Yolanda Fernández Osorio

Foto Decano
El dinamismo y nuevo impulso de las Business Schools
Santiago Iñiguez de Onzoño. Decano. IE Business School
Junio 2006


Las escuelas de negocios están inmersas en la transformación más rápida de su historia. Un nuevo impulso marcado por la globalización, las nuevas tecnologías y el Acuerdo de Bolonia.

Las escuelas de negocios son, probablemente, el segmento más dinámico de la educación superior y, actualmente, experimentan la transformación más rápida de su historia. Algunas de las tendencias más destacables para 2006 en el terreno de la formación en dirección de empresas son, por ejemplo, que la competencia entre distintas escuelas de negocios aumentará como consecuencia del proceso de globalización del sector y de la entrada de nuevos jugadores. El factor más relevante que impulsa esta globalización es el aumento de alumnos que quieren estudiar en el extranjero. Número que crecerá exponencialmente.

El MBA volverá a entrar en una espiral de crecimiento y las escuelas de negocio tendrán una oferta más diferenciada.

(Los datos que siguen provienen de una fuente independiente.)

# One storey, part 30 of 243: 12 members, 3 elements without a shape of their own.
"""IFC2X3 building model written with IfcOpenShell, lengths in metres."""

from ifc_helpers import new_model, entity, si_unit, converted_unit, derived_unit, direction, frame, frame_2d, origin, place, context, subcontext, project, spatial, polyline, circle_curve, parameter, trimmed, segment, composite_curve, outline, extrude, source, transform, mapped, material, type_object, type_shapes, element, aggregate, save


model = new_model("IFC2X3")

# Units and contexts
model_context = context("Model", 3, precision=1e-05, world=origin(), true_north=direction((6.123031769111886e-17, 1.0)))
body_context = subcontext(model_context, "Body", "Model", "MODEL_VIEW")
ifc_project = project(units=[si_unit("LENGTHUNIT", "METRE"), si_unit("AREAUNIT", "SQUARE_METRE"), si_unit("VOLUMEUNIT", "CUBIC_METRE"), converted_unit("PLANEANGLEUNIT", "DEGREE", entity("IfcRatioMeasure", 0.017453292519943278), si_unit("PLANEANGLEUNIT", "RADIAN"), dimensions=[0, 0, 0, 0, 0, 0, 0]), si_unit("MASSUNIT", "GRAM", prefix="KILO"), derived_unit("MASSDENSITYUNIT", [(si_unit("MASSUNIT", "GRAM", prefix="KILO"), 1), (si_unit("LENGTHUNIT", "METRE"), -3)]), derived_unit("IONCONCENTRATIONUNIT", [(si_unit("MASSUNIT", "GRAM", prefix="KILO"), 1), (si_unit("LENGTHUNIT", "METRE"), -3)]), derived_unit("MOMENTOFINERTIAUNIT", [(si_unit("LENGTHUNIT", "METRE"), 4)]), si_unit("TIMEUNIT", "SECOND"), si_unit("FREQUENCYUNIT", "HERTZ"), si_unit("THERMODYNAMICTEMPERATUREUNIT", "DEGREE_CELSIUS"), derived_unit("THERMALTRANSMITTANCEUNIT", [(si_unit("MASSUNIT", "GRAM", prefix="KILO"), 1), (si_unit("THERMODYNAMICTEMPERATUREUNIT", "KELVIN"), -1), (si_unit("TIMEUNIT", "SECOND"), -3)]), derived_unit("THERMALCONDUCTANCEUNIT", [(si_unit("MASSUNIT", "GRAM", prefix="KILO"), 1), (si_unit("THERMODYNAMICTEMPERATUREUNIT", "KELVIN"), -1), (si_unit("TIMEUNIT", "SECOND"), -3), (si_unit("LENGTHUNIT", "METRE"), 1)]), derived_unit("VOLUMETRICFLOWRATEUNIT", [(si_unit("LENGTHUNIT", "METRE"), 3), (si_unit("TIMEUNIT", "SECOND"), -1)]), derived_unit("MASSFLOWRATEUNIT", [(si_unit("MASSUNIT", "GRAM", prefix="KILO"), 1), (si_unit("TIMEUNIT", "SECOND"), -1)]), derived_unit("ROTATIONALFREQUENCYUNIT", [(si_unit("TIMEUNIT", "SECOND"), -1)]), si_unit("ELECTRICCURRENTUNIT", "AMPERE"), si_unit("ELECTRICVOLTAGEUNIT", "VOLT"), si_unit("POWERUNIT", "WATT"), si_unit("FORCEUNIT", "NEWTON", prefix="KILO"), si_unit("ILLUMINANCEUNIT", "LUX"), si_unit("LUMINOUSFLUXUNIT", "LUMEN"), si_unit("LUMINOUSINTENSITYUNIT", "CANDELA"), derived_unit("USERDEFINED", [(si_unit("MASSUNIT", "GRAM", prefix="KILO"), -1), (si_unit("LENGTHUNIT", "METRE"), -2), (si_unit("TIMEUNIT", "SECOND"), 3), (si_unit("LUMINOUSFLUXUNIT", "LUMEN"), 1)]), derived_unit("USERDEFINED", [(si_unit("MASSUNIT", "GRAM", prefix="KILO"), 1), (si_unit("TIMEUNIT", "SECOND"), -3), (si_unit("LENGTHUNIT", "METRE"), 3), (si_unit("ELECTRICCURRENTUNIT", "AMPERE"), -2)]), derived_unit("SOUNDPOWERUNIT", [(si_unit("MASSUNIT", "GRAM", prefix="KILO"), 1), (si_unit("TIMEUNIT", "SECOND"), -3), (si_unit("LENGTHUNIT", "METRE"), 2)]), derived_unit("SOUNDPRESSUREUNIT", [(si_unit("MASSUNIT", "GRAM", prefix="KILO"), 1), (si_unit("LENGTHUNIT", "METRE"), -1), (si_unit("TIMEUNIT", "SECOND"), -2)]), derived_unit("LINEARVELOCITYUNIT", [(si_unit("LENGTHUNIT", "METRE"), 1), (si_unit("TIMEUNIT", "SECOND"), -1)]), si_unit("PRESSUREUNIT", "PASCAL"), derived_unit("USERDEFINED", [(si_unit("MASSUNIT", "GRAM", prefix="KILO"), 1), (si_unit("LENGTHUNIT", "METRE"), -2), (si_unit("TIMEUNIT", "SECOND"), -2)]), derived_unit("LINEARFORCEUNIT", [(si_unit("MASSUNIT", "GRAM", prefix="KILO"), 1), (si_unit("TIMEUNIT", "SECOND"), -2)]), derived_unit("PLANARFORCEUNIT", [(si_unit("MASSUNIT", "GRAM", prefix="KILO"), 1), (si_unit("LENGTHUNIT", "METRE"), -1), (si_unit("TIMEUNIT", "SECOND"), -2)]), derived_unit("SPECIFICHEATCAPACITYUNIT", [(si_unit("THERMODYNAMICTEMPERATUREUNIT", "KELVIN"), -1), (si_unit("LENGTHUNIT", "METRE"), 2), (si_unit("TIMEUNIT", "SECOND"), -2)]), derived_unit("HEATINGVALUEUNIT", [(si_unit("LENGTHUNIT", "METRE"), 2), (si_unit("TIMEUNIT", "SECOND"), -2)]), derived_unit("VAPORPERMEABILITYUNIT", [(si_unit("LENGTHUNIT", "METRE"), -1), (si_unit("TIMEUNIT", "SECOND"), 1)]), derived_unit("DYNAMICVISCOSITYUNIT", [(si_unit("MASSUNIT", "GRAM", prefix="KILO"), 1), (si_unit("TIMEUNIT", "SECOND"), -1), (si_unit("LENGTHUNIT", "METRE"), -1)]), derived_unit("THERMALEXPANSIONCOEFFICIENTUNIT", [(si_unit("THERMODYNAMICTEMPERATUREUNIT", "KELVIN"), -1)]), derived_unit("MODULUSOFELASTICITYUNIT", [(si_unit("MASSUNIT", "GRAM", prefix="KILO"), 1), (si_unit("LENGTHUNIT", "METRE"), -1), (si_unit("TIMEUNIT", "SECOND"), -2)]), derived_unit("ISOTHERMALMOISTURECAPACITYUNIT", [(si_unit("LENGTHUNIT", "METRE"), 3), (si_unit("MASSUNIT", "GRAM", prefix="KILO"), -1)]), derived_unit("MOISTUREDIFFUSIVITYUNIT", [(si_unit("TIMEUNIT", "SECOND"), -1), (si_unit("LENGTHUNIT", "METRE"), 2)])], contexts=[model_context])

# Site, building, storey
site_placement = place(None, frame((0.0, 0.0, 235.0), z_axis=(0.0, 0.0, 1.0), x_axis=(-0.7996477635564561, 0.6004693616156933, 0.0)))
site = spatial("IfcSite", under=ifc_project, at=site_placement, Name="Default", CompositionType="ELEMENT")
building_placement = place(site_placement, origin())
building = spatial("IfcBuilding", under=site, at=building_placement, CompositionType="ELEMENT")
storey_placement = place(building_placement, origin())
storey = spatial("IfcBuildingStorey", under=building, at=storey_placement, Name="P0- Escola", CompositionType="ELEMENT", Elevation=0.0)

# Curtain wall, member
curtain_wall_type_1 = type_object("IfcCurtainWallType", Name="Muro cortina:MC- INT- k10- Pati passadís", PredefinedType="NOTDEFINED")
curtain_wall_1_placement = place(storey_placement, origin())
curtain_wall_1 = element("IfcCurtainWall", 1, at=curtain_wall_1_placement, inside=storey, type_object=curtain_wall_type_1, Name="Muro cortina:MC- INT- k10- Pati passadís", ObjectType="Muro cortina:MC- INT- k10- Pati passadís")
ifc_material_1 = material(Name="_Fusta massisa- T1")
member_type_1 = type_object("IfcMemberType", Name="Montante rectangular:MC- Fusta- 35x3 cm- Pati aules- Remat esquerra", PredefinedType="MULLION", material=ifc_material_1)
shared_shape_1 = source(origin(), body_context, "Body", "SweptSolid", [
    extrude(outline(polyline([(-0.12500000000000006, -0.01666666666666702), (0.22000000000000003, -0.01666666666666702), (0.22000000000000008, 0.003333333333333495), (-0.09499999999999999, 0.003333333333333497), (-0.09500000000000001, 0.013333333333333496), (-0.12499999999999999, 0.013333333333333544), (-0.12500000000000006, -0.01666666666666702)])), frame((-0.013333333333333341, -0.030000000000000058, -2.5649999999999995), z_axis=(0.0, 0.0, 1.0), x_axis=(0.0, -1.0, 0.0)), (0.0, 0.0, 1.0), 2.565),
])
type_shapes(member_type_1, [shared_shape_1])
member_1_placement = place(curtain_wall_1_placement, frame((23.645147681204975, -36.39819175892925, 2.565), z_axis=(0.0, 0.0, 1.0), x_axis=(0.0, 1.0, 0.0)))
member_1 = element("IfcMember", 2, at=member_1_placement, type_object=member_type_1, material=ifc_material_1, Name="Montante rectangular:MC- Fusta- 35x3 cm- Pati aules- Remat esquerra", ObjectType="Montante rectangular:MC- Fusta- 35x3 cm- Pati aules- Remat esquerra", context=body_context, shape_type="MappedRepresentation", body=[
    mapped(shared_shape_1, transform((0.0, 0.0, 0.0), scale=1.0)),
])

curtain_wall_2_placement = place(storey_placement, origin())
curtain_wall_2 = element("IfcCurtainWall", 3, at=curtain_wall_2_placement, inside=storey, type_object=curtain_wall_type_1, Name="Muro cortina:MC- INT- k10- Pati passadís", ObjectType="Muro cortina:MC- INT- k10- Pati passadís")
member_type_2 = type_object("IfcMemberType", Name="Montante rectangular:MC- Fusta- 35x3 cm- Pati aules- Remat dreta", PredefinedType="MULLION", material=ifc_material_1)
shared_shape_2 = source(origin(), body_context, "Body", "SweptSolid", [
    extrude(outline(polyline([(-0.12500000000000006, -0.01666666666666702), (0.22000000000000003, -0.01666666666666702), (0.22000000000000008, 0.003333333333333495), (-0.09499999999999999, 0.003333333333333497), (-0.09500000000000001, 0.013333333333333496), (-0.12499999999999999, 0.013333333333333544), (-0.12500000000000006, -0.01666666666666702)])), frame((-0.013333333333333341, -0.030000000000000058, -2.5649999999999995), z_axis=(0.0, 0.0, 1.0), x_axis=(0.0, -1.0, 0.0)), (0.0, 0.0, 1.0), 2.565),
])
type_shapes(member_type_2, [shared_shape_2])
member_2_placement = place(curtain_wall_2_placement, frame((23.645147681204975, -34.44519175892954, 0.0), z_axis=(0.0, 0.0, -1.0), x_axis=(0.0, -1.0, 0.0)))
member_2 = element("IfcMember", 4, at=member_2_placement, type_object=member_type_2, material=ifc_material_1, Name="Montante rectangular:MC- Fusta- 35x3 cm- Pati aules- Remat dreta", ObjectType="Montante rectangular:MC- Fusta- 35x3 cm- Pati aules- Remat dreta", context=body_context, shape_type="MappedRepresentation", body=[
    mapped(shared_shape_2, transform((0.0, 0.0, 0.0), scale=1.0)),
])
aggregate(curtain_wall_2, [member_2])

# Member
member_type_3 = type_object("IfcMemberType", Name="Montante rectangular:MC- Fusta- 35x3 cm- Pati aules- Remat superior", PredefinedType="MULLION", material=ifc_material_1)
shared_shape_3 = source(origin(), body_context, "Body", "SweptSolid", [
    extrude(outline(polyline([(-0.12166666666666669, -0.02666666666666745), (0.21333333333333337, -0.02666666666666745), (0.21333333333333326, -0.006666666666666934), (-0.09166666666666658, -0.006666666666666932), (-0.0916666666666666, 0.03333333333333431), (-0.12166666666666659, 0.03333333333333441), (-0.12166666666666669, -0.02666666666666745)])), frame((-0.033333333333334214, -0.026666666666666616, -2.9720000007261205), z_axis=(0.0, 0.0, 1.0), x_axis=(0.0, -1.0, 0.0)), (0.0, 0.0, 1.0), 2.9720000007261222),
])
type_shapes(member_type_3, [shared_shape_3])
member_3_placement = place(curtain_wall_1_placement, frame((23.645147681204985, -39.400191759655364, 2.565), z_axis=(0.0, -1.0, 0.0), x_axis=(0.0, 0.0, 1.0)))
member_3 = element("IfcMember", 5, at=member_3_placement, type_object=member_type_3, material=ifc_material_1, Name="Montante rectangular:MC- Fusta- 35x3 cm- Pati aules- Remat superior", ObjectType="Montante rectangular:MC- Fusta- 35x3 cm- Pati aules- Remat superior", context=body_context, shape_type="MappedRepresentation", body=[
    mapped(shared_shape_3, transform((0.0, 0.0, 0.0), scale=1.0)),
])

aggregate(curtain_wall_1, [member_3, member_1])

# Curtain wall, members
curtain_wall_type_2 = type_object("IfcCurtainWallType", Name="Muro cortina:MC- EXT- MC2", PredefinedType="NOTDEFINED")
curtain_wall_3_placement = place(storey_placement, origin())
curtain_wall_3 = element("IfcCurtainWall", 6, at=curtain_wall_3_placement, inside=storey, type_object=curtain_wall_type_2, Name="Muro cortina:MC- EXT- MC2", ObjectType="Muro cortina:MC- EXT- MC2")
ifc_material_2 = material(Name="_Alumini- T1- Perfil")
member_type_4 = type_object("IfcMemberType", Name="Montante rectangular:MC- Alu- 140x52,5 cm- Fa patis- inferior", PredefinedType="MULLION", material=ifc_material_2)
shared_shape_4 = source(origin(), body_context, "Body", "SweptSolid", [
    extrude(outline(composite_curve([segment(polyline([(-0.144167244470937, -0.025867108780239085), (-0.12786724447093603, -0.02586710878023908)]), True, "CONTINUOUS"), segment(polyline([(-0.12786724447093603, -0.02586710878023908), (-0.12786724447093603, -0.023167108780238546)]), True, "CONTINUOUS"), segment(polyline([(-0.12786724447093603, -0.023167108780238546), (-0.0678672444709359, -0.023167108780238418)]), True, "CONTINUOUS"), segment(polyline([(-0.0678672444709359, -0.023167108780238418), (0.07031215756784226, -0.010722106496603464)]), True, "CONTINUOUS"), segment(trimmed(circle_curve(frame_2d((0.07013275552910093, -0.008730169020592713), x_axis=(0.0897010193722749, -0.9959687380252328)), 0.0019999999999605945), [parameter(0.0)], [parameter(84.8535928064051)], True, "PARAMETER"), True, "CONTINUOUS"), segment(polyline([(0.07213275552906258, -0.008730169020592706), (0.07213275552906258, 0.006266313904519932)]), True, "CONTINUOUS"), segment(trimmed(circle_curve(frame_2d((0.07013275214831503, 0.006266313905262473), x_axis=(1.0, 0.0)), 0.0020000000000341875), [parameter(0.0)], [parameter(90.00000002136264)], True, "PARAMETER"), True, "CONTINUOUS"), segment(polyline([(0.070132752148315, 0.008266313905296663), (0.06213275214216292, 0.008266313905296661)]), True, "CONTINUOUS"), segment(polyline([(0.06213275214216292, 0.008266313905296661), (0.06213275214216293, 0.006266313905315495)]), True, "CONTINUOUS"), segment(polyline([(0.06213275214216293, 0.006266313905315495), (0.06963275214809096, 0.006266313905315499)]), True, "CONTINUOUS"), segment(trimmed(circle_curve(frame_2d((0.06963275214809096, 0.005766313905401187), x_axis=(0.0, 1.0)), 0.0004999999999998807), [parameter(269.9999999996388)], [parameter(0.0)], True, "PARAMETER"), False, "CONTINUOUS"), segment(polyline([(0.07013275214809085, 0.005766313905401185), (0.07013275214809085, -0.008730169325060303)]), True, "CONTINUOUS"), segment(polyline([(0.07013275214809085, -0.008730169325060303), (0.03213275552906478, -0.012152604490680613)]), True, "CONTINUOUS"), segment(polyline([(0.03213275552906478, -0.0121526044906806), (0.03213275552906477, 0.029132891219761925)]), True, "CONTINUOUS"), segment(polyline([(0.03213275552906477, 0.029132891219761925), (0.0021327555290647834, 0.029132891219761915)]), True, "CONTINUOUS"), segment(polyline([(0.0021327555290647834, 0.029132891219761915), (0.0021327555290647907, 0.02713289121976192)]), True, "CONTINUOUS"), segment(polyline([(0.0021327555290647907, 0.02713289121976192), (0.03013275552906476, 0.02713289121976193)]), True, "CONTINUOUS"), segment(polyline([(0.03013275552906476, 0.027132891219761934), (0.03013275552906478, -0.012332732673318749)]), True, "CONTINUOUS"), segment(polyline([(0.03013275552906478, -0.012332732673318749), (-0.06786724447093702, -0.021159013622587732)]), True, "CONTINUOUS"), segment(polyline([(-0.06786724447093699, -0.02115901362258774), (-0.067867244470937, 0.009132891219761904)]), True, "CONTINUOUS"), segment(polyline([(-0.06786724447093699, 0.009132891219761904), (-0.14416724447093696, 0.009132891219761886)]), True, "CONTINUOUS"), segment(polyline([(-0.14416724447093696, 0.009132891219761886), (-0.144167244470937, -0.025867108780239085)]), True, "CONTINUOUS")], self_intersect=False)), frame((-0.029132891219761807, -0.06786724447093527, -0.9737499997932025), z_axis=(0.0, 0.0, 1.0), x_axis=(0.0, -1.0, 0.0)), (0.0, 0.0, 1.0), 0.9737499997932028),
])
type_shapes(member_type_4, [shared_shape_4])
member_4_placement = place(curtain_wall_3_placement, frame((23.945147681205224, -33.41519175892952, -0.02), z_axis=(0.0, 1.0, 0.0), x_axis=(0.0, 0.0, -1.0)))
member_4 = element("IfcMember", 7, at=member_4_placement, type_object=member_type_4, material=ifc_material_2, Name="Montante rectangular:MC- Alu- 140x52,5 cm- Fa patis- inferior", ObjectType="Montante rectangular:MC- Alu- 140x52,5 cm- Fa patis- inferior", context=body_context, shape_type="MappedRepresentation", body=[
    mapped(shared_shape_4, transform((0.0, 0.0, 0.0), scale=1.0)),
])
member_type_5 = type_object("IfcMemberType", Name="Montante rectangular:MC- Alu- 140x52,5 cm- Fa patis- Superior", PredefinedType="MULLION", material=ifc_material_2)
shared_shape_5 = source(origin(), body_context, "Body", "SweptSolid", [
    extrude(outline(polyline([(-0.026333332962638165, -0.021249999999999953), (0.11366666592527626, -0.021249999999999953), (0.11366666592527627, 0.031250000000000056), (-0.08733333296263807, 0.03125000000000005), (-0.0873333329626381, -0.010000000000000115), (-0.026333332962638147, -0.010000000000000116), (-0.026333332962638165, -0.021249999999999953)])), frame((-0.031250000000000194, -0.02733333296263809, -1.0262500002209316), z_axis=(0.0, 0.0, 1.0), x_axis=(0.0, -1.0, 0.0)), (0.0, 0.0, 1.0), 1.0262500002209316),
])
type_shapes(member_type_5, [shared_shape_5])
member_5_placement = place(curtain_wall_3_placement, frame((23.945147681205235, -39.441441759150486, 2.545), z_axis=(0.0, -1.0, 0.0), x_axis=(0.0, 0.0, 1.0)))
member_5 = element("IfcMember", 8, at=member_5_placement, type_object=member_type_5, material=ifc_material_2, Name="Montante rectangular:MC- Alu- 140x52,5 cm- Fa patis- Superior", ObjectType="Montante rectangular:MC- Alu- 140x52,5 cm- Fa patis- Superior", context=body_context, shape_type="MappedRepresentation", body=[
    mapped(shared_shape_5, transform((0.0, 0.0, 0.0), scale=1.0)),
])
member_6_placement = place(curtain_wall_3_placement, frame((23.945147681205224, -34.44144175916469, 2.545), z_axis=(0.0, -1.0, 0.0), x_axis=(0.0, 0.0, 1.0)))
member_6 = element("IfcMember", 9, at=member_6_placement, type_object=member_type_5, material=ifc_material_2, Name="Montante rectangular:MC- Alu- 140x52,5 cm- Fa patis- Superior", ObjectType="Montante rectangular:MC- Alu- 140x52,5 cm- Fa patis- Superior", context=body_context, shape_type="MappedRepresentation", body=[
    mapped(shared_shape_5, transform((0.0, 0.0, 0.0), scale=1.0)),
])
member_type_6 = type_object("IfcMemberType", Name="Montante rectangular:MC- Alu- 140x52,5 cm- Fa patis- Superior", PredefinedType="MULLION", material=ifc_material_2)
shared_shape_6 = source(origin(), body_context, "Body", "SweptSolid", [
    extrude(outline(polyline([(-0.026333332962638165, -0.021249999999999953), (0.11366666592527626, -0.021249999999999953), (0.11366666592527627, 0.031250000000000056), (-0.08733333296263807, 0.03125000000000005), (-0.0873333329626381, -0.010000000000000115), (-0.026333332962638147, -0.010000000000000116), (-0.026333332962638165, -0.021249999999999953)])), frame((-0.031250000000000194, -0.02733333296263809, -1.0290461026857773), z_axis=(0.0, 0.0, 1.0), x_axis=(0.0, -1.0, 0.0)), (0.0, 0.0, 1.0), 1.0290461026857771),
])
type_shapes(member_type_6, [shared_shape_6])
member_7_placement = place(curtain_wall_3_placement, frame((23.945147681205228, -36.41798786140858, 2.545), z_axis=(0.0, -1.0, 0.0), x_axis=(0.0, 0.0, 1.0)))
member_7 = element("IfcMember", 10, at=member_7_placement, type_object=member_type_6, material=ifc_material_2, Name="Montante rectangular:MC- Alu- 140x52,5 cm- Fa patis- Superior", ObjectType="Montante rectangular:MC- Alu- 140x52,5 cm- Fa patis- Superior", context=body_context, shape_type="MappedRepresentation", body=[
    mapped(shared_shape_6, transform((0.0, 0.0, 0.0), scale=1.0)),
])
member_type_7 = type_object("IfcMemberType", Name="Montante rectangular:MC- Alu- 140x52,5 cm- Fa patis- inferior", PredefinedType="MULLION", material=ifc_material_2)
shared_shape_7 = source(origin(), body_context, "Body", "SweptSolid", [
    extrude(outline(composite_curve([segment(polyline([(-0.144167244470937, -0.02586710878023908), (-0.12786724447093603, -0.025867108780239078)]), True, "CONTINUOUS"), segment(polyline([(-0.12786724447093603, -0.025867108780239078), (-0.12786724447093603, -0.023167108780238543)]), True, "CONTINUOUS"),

Dos instrumentos claves para promover la movilidad transfronteriza de estudiantes son la mejora de la información sobre la oferta internacional y el desarrollo de instrumentos de financiación –becas y créditos al estudio-. Para el año 2010 se espera que el número de alumnos que estudien carreras universitarias fuera de sus países exceda los 5,8 millones, según el Institute of Internacional Education.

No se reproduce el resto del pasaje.